/FCM-VS-KMEAN-DIABETES

Implementation and study of unsupervised Machine Learning(ML) algorithm with Fuzzy C-Mean and Hard C-Mean clustering in Diabetes Datasets.

Primary LanguageJupyter Notebook

Fuzzy C-Mean Clustering and Hard C-Mean Clustering

Abstract

The blooming of machine learning and deep learning is starting to raise the demand for using data to solve our real-world problem. But not all the data collected is crisp, which may contain fuzziness. Unsupervised clustering in a fuzzy logic or fuzzy c-mean is one of the most commonly used methods in data mining when dealing with uncertainty or vague dataset. In this paper, we will study the difference between the clustering method of using the Hard C-Mean and Fuzzy C-Mean method. We will highlight the best cluster found by HCM and FCM.

Hard c-means

Hard C-Mean is also known as hard clustering. A very well-known method is known as K-Mean clustering. K-Mean Clustering is used to classify data in a crisp sense. This method will only classify a data point to only one cluster.
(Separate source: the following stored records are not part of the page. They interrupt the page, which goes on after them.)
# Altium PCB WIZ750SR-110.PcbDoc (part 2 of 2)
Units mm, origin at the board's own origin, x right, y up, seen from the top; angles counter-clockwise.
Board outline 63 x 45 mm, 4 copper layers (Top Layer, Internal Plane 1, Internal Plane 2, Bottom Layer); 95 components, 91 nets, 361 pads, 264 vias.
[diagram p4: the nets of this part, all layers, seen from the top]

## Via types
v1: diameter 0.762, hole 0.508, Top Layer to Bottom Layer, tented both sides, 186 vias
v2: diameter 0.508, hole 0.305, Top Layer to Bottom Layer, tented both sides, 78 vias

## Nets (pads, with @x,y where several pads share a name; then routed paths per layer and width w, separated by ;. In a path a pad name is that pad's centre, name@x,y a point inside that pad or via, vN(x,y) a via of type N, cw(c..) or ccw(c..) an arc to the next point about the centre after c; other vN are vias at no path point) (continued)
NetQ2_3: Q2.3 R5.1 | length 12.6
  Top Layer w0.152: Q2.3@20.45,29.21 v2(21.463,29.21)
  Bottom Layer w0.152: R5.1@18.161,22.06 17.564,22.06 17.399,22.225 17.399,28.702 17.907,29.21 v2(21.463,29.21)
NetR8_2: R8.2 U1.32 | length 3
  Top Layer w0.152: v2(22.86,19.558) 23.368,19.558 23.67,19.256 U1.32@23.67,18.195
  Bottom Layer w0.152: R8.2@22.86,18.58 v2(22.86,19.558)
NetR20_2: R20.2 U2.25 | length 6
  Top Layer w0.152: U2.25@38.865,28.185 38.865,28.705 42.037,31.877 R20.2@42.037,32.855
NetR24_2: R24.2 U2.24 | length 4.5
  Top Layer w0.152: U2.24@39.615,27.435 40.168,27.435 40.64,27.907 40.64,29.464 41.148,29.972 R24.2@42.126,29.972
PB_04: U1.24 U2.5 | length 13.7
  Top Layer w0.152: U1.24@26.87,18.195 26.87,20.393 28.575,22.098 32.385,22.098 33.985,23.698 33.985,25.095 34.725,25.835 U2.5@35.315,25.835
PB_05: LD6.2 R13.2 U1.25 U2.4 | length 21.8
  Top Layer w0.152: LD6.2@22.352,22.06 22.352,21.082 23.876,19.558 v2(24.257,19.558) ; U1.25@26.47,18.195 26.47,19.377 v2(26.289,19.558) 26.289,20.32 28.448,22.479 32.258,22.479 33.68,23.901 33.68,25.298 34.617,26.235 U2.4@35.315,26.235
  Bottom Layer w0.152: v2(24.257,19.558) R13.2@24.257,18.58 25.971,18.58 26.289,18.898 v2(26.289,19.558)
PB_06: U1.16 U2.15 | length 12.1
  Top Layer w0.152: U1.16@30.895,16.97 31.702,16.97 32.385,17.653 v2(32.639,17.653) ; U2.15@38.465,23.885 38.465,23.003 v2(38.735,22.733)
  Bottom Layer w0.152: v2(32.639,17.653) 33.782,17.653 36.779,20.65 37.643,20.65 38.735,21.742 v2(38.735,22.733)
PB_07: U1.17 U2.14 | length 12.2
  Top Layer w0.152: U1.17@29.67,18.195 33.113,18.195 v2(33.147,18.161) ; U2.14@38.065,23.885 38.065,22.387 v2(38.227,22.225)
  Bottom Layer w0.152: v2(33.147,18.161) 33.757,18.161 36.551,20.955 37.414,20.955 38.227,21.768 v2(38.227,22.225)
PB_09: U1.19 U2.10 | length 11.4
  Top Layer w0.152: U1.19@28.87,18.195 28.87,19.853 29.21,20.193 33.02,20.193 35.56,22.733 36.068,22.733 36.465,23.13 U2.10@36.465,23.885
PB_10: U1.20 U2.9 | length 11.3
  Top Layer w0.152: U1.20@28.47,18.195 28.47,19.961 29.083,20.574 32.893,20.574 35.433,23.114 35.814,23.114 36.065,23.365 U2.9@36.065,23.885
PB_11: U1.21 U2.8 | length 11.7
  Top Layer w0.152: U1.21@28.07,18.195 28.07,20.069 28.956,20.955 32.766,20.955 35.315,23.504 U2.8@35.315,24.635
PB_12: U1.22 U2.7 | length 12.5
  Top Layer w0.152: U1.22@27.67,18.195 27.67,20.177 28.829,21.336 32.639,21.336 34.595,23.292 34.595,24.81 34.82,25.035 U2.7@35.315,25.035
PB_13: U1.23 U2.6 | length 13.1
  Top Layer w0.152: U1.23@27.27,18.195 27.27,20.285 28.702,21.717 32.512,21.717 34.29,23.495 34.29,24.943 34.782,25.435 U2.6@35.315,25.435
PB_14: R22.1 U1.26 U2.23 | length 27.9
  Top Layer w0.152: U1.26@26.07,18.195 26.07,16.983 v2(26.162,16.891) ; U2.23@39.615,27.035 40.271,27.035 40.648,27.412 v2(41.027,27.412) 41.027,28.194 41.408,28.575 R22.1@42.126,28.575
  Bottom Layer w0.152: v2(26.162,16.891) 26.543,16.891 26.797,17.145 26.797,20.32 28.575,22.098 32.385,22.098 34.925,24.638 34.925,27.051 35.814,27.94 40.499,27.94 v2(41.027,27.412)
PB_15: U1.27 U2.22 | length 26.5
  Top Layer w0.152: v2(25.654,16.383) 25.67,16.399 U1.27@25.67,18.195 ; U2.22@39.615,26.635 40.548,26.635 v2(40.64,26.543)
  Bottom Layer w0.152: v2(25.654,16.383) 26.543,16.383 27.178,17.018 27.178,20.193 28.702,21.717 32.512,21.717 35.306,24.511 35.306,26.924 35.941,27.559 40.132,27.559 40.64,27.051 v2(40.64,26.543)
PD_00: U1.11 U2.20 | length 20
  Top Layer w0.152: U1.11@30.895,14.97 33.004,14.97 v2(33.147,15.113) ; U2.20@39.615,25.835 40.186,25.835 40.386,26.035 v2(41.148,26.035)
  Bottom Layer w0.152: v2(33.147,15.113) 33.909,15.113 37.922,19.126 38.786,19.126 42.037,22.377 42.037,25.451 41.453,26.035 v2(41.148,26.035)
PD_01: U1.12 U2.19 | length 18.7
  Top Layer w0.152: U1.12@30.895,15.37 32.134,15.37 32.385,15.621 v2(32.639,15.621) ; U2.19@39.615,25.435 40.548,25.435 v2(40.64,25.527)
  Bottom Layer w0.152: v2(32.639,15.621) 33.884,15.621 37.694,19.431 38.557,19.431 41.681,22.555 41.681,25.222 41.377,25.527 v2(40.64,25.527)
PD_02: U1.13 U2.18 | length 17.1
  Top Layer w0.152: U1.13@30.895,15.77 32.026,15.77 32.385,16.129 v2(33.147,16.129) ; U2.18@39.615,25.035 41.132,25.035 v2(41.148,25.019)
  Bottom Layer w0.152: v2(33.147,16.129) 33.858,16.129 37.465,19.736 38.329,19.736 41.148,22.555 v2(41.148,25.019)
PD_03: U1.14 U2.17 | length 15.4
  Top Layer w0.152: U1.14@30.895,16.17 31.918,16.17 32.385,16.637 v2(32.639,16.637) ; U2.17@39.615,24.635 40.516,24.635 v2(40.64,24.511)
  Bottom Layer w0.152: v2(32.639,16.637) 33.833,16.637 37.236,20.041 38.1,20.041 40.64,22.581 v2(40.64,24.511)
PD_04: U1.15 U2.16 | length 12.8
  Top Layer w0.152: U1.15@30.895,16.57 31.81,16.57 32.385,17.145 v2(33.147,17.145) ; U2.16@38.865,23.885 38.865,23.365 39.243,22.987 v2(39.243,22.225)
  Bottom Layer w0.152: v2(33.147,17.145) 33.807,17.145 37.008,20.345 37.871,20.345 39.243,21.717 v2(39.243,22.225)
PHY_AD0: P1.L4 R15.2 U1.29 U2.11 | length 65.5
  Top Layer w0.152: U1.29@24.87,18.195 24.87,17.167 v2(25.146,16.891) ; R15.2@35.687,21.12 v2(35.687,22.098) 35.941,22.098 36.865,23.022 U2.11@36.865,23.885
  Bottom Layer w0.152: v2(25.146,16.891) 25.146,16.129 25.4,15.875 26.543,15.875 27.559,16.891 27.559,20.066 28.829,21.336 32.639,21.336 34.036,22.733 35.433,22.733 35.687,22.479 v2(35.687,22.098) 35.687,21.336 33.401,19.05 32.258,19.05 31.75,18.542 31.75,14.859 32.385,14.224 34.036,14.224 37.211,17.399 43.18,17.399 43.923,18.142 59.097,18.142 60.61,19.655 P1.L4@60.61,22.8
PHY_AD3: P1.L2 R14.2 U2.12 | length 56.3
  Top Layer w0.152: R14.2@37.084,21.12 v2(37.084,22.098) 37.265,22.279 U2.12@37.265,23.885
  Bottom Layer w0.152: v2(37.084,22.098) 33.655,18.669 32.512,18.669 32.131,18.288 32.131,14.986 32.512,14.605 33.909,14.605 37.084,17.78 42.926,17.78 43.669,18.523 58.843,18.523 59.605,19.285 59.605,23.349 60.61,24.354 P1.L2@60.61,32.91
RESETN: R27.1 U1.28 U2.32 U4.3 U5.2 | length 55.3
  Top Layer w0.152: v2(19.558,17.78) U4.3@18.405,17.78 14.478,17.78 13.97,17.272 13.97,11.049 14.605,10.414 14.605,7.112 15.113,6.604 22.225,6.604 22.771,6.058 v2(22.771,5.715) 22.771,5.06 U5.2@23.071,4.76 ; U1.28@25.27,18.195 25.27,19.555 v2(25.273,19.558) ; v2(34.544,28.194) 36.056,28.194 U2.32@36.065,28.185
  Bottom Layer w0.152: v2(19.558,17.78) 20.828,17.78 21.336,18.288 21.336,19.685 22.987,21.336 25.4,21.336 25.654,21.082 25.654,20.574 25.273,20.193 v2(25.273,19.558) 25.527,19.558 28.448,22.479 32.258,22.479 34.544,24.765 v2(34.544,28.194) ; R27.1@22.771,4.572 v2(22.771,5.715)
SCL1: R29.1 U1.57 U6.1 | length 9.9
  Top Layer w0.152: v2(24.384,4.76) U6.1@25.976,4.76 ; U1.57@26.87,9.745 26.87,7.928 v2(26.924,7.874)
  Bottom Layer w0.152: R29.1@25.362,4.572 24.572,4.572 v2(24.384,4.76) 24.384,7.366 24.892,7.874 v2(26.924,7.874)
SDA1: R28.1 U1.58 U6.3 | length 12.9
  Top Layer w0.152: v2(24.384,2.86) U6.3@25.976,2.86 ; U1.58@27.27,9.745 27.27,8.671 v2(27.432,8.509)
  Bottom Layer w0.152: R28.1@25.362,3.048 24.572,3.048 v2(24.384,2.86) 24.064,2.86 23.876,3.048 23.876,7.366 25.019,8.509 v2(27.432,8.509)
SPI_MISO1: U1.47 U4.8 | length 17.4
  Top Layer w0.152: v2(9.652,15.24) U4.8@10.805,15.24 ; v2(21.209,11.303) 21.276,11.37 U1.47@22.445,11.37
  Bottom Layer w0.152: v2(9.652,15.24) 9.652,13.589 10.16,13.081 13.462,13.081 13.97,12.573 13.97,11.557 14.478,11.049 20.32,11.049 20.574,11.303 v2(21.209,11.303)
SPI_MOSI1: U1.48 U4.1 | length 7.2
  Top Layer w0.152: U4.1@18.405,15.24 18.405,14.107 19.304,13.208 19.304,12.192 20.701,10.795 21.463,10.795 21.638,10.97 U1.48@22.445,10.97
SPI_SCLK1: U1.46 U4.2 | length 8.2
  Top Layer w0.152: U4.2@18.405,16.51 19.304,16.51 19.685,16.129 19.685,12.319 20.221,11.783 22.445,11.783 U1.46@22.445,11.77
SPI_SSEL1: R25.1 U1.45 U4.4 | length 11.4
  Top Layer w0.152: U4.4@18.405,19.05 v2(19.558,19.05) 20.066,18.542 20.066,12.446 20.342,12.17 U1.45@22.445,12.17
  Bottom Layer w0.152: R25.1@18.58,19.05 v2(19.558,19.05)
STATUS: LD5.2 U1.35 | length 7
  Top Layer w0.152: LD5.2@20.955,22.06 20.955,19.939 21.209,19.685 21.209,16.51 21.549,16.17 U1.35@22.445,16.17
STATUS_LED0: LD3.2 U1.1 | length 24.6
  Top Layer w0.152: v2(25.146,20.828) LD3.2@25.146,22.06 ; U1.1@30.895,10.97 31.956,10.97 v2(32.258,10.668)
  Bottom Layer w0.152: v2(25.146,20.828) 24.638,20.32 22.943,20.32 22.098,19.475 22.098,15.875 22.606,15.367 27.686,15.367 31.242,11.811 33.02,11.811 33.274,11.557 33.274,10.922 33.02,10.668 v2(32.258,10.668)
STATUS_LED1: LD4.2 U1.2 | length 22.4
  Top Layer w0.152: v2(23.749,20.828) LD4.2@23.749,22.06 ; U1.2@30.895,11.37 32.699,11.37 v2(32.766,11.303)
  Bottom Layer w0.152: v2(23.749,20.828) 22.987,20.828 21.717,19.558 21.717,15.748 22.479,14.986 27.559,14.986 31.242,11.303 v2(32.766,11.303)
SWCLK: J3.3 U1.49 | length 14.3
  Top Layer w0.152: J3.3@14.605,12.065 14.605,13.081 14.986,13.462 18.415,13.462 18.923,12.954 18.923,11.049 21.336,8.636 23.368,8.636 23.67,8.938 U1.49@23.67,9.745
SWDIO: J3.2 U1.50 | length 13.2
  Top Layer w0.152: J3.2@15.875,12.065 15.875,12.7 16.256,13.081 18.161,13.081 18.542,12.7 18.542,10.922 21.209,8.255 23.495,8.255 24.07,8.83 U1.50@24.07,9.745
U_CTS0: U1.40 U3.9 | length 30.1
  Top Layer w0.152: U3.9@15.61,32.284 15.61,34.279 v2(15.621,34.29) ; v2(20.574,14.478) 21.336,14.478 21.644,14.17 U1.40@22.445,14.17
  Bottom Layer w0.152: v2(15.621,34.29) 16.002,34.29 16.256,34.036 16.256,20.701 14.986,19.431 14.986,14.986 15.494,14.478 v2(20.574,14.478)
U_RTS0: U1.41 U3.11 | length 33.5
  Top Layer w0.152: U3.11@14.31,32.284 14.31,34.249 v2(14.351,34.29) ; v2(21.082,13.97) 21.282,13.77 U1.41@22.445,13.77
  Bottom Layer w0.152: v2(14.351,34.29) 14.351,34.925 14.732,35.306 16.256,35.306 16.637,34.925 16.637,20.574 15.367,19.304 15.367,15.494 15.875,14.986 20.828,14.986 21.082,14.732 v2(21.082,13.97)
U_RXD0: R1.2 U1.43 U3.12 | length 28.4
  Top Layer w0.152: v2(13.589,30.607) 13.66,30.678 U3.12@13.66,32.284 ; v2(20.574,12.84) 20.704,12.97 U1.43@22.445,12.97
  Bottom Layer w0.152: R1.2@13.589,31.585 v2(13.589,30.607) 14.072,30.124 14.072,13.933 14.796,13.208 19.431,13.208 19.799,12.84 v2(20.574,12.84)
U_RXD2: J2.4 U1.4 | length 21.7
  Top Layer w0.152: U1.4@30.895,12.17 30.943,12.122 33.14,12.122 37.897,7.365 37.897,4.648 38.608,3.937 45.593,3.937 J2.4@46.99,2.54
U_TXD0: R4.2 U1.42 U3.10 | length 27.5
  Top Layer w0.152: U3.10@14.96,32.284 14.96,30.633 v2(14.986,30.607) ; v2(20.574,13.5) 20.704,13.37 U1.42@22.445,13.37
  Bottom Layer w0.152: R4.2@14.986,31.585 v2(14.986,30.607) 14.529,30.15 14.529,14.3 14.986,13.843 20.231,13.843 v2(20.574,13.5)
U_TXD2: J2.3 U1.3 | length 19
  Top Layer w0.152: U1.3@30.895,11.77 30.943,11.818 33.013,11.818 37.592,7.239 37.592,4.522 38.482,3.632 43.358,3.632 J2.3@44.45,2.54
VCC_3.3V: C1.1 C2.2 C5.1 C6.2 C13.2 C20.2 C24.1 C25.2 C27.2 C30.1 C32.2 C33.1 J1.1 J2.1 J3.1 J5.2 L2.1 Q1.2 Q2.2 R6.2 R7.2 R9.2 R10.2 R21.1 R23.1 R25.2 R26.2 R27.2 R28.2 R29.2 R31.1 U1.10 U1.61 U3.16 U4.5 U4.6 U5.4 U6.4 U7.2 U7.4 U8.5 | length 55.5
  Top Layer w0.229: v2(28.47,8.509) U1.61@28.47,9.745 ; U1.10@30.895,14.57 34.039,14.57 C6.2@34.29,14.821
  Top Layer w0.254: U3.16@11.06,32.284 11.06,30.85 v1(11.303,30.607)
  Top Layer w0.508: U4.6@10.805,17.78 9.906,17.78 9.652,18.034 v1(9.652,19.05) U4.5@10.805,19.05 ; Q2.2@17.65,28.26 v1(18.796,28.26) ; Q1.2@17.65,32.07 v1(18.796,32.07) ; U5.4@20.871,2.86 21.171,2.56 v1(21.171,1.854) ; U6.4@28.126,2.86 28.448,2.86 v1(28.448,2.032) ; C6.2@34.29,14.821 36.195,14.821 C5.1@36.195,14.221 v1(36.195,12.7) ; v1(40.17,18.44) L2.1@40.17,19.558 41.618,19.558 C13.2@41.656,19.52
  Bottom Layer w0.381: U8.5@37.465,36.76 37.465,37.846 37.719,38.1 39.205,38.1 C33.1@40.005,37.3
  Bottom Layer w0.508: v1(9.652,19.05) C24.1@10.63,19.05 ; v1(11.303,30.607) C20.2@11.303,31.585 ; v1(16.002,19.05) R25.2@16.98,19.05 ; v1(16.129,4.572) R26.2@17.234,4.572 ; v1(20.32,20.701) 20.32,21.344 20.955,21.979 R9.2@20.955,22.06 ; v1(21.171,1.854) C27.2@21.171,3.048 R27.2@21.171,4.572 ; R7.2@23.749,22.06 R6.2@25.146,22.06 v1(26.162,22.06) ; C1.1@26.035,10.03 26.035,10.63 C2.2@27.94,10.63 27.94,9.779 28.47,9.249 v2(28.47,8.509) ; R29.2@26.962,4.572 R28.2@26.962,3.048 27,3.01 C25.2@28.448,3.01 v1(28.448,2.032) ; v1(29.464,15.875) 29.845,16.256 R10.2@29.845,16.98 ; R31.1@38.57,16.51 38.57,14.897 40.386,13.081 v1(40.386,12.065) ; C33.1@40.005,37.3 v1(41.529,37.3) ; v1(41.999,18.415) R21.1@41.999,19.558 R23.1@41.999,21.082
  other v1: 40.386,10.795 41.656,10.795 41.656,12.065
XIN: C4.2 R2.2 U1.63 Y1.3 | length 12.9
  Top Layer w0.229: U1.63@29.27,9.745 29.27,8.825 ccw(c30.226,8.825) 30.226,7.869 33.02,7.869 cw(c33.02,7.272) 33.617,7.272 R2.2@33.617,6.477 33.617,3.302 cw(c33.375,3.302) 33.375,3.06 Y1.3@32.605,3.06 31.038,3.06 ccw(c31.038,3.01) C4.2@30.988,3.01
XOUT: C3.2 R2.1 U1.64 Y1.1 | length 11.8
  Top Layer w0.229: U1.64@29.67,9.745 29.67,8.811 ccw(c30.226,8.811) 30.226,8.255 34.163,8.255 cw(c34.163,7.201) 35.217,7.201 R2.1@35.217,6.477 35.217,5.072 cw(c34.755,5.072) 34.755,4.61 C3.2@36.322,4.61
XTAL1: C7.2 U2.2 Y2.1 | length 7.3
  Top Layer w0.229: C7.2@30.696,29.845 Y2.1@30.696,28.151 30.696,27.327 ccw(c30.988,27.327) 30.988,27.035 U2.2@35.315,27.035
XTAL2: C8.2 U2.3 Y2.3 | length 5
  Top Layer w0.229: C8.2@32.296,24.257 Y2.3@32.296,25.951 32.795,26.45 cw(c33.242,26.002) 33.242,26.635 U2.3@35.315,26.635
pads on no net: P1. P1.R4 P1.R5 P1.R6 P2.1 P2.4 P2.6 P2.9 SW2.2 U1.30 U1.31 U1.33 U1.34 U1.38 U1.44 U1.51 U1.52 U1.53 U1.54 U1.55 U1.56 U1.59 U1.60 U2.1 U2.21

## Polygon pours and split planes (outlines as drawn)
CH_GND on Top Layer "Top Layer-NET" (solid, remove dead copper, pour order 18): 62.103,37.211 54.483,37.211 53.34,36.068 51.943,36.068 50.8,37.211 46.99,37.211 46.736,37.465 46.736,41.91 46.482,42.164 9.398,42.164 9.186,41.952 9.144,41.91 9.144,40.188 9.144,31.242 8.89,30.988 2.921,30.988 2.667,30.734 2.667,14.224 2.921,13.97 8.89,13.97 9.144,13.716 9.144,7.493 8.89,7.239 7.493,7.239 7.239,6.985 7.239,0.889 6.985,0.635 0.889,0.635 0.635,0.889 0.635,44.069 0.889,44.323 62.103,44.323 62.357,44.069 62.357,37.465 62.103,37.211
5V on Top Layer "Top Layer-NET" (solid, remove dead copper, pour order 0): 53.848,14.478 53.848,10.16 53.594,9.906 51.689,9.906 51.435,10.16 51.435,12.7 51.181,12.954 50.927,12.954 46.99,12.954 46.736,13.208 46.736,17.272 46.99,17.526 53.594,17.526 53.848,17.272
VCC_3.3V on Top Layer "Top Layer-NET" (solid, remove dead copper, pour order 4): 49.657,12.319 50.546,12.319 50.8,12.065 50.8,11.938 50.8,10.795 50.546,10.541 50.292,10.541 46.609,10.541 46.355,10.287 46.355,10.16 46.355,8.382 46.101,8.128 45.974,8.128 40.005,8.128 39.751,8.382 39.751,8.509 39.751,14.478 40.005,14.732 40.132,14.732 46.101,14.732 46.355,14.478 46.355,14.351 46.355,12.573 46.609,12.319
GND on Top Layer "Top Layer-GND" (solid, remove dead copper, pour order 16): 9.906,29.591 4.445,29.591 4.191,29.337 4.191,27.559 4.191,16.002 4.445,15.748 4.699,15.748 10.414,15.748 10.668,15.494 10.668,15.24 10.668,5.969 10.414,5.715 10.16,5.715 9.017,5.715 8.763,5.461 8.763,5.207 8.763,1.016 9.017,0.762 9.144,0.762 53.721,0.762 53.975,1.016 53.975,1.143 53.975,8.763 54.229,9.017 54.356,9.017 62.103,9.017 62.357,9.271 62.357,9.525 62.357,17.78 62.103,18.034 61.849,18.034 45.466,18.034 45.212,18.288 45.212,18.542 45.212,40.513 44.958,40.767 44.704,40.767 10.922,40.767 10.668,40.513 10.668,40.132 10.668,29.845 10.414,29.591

The first step of computing k-mean is we need to determine the number of the cluster we desired. Next, we will need to assign each of the points to the closest centroid, and each of the collection of the points assigned to the centroid is considered as one cluster. After that, the centroid of the original cluster will be kept on updating based on the points assigned in the cluster. The steps above are repeated until the centroid didn’t change or remains constant.

In the K-Mean clustering algorithm, the data points are cluster together based on the similarity. Typically, we will use euclidean distance to find out squared of the distance between each variable.

Fuzzy c-means

We had review how hard c-means or k-mean, now we will be review how fuzzy c-means work. Fuzzy clustering also known as soft clustering is based on the Zadeh’s idea which introduced in 1965.

Unlike k-means clustering that cluster the datapoint to crisp set which is 0 and 1, fuzzy c-means algorithm assigned vectors to all the cluster with the membership value at the interval 0 to 1.